Invention Title:

Photorealistic Talking Faces from Audio

Publication number:

US20240320892

Publication date:
Section:

Physics

Class:

G06T13/205

Inventors:

Applicant:

Drawings (4 of 13)

Smart overview of the Invention

A framework has been developed to create photorealistic 3D talking faces using only audio input. This system employs machine learning models to predict both the geometry and texture of a face based on audio signals that contain speech. The resulting 3D mesh model can be integrated into existing videos or virtual environments, enhancing various multimedia applications.

Background

Talking head videos are prevalent in various media formats, including news broadcasts and online courses.

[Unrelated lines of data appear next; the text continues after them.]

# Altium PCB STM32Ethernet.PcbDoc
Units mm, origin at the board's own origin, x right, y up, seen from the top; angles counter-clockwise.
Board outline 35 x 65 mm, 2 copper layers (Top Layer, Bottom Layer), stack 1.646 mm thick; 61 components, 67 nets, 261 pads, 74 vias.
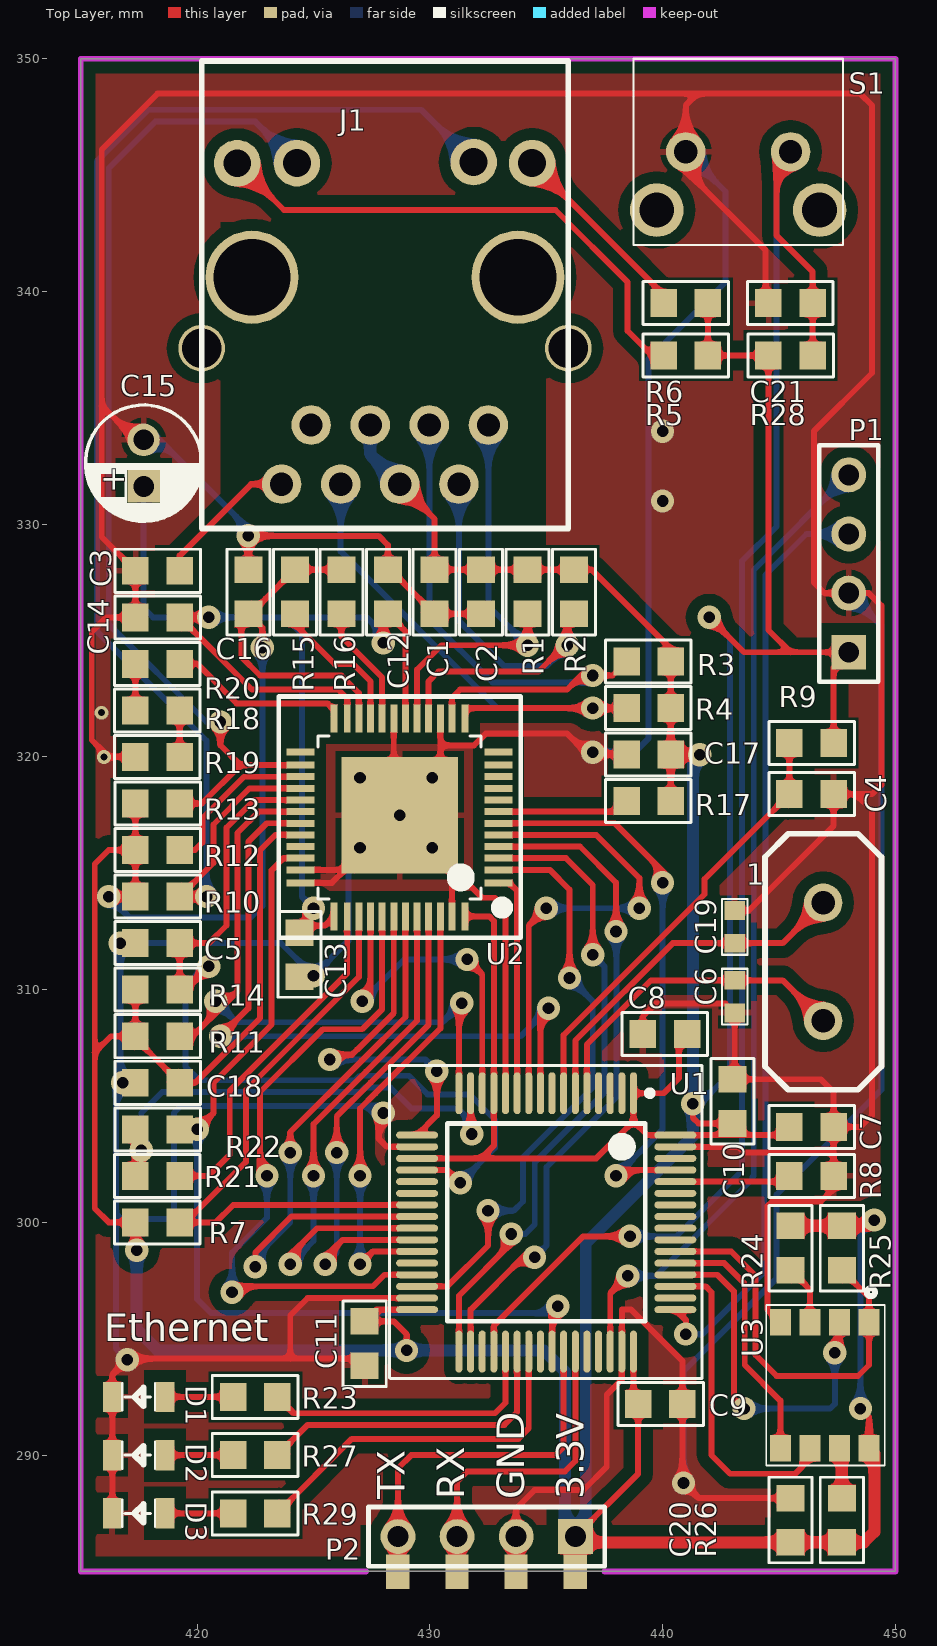
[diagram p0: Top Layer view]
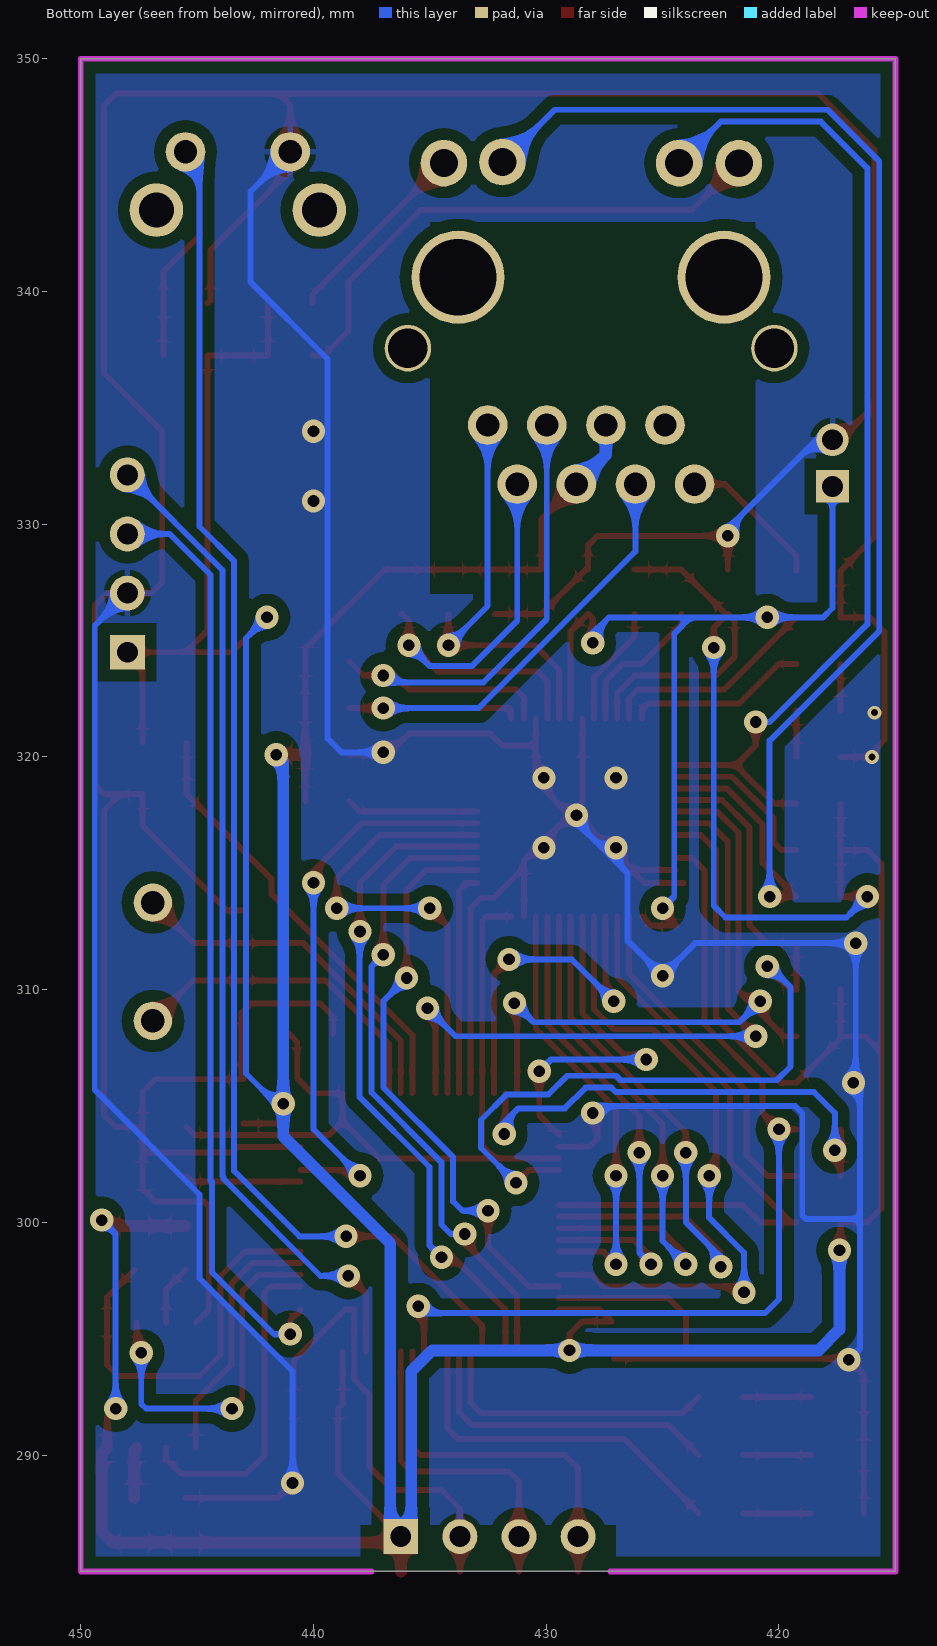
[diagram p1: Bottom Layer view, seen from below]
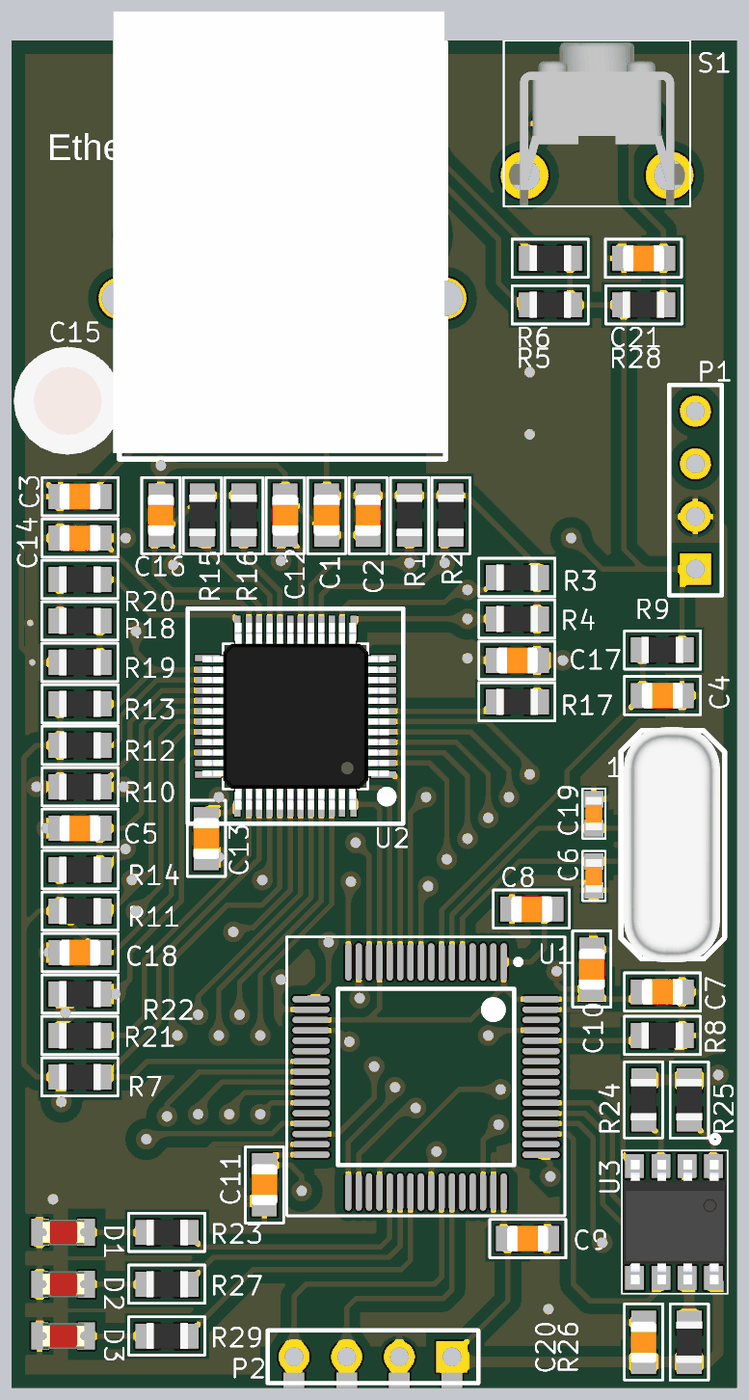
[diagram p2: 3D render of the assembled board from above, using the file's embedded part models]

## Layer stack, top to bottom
Top Solder: solder mask 0.0102, Solder Resist, Dk 3.5
Top Layer: signal copper 0.0356
Dielectric 1: dielectric 1.5748, FR-4, Dk 4.8
Bottom Layer: signal copper 0.0356
Bottom Solder: solder mask 0.0102, Solder Resist, Dk 3.5

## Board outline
415,285 450,285 450,350 415,350

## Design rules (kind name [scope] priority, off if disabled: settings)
Clearance [All] p1: gap=0.508
Length [InNetClass('ETH_SIGN')] p1: maxlimit=45.72 minlimit=43.18
PolygonConnect PAD_GND [(InPadClass('All Pads') AND InNet('GND'))] p1: connectstyle=Relief reliefconductorwidth=0.254 reliefentries=4 polygonreliefangle="90 Angle" airgapwidth=0.254
PolygonConnect [All] p2: connectstyle=Direct reliefconductorwidth=0.254 reliefentries=4 polygonreliefangle="90 Angle" airgapwidth=0.254
RoutingVias [All] p1: holewidth=0.711 width=1.27 viastyle="Through Hole" minholewidth=0.711 minwidth=1.27 maxholewidth=0.711 maxwidth=1.27
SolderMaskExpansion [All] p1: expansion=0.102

Traditional methods for synthesizing these videos often rely on regressing facial movements from audio, which can lead to limitations in realism and personalization. Newer techniques that predict 3D facial meshes from audio have emerged but often fall short in visual quality, restricting their use to gaming and VR environments.

System Components

The proposed computing system consists of processors and non-transitory computer-readable media that store two main machine-learned models: one for predicting face geometry and another for face texture. These models work together to generate a cohesive 3D representation of a face from audio input, allowing for more accurate and realistic facial animations.

Applications

The generated talking faces can be utilized in numerous applications, such as creating personalized avatars in gaming or VR, auto-translating videos with synchronized lip movements, and enhancing video editing capabilities. The ability to recreate visual aspects from audio alone opens new avenues for multimedia communication, where only audio is transmitted while the visual component is reconstructed as needed.

Technical Innovations

Innovative features include the use of audio as the primary input, enabling simpler data preparation and training processes. The system also incorporates a 3D decomposition method that separates head pose from speech-related facial movements, allowing for greater flexibility and realism. Personalized models can be trained for individual speakers, ensuring that unique facial expressions are captured effectively. Additionally, an auto-regressive framework enhances temporal consistency in the generated sequences, resulting in visually stable outputs.